Data excerpts
**********
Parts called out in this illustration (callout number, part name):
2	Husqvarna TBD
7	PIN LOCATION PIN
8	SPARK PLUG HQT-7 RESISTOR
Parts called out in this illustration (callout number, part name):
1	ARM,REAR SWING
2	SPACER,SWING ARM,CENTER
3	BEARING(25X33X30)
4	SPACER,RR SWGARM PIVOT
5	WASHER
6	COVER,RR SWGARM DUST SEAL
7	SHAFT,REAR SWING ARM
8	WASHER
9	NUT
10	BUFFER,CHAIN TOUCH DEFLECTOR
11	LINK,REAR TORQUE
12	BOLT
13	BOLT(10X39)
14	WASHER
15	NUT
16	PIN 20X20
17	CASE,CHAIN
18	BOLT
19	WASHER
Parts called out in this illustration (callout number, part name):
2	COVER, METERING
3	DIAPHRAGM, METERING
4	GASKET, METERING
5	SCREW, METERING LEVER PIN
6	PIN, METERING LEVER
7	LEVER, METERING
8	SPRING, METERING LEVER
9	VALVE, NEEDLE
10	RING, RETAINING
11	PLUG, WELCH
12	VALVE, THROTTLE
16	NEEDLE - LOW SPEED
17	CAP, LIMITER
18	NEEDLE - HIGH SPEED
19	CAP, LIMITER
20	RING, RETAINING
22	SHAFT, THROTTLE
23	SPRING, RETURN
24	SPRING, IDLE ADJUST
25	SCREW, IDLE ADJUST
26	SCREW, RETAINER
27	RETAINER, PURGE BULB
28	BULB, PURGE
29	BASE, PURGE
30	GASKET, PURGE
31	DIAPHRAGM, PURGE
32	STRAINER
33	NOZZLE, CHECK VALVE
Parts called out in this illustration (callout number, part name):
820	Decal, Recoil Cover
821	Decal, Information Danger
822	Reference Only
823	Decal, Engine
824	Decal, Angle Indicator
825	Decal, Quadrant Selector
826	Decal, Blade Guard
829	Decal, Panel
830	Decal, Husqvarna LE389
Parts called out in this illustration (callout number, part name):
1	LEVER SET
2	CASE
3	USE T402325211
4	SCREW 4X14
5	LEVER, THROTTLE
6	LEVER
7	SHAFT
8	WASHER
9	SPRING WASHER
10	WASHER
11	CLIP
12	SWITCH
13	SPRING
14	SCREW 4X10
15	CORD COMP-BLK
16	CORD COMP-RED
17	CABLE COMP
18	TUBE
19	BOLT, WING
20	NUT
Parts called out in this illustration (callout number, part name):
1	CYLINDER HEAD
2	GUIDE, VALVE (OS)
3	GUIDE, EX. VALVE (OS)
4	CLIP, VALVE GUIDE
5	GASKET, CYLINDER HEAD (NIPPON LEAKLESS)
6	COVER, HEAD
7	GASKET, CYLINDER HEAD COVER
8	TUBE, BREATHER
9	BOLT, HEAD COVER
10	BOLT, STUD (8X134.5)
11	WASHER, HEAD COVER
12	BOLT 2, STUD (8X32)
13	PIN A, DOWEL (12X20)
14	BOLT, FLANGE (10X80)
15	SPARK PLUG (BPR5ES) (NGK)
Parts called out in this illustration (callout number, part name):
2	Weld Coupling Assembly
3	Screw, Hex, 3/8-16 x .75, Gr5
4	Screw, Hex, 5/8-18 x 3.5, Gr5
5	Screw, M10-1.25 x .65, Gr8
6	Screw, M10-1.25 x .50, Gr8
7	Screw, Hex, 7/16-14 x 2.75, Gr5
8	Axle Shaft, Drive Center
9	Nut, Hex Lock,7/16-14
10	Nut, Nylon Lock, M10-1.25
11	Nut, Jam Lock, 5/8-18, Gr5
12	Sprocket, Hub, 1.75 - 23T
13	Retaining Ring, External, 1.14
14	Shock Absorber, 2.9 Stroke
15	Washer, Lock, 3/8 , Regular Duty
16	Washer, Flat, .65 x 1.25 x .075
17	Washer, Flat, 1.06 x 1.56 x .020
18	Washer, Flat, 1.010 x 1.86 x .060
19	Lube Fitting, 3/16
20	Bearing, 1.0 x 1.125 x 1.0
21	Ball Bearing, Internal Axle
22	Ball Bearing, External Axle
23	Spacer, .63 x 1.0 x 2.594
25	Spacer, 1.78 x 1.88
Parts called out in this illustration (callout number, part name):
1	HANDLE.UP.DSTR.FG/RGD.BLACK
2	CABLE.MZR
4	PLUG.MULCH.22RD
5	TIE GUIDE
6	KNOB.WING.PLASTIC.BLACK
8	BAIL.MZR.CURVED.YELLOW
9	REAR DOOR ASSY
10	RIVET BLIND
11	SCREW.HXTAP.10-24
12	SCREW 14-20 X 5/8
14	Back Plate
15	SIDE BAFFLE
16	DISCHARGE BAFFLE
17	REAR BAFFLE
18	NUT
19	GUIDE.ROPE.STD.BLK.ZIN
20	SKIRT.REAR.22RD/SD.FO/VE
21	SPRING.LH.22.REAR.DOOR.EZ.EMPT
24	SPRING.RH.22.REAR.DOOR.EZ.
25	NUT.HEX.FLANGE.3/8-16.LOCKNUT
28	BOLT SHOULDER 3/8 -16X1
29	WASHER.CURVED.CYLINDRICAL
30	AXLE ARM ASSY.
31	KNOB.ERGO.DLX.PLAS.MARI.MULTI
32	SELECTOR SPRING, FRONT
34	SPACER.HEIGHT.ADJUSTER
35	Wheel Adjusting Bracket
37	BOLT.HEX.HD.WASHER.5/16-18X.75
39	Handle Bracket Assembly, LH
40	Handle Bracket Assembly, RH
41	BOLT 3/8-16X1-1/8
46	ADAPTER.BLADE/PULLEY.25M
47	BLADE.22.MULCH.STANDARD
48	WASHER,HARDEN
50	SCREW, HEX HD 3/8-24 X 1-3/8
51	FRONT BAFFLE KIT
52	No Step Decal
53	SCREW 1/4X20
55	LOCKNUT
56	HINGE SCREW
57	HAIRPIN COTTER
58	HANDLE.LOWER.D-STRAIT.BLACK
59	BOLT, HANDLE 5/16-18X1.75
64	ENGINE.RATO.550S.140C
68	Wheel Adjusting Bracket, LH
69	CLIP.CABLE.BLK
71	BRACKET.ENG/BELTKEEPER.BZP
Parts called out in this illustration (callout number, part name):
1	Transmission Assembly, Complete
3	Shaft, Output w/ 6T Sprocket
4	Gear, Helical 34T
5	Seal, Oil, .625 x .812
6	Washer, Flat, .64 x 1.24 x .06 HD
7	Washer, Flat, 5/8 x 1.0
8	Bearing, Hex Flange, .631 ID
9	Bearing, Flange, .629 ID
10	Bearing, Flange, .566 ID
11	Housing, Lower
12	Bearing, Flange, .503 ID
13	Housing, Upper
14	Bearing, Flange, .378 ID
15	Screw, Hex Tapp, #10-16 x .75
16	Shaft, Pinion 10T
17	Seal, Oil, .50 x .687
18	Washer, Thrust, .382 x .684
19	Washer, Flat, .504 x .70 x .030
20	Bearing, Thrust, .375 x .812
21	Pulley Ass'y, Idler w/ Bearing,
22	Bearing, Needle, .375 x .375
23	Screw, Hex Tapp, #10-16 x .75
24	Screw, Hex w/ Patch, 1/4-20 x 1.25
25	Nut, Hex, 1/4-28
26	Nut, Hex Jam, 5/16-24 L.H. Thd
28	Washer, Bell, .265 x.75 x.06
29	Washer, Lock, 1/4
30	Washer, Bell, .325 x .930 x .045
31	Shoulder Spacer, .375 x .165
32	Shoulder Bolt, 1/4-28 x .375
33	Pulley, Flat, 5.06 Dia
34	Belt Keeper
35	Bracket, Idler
**********
▶ **TASK DETAILS**: Where in the entries does the word "Decal" occur? Copy out each line that has it.

▶ **RESPONSE TO THIS TASK**:
820	Decal, Recoil Cover
821	Decal, Information Danger
823	Decal, Engine
824	Decal, Angle Indicator
825	Decal, Quadrant Selector
826	Decal, Blade Guard
829	Decal, Panel
830	Decal, Husqvarna LE389
52	No Step Decal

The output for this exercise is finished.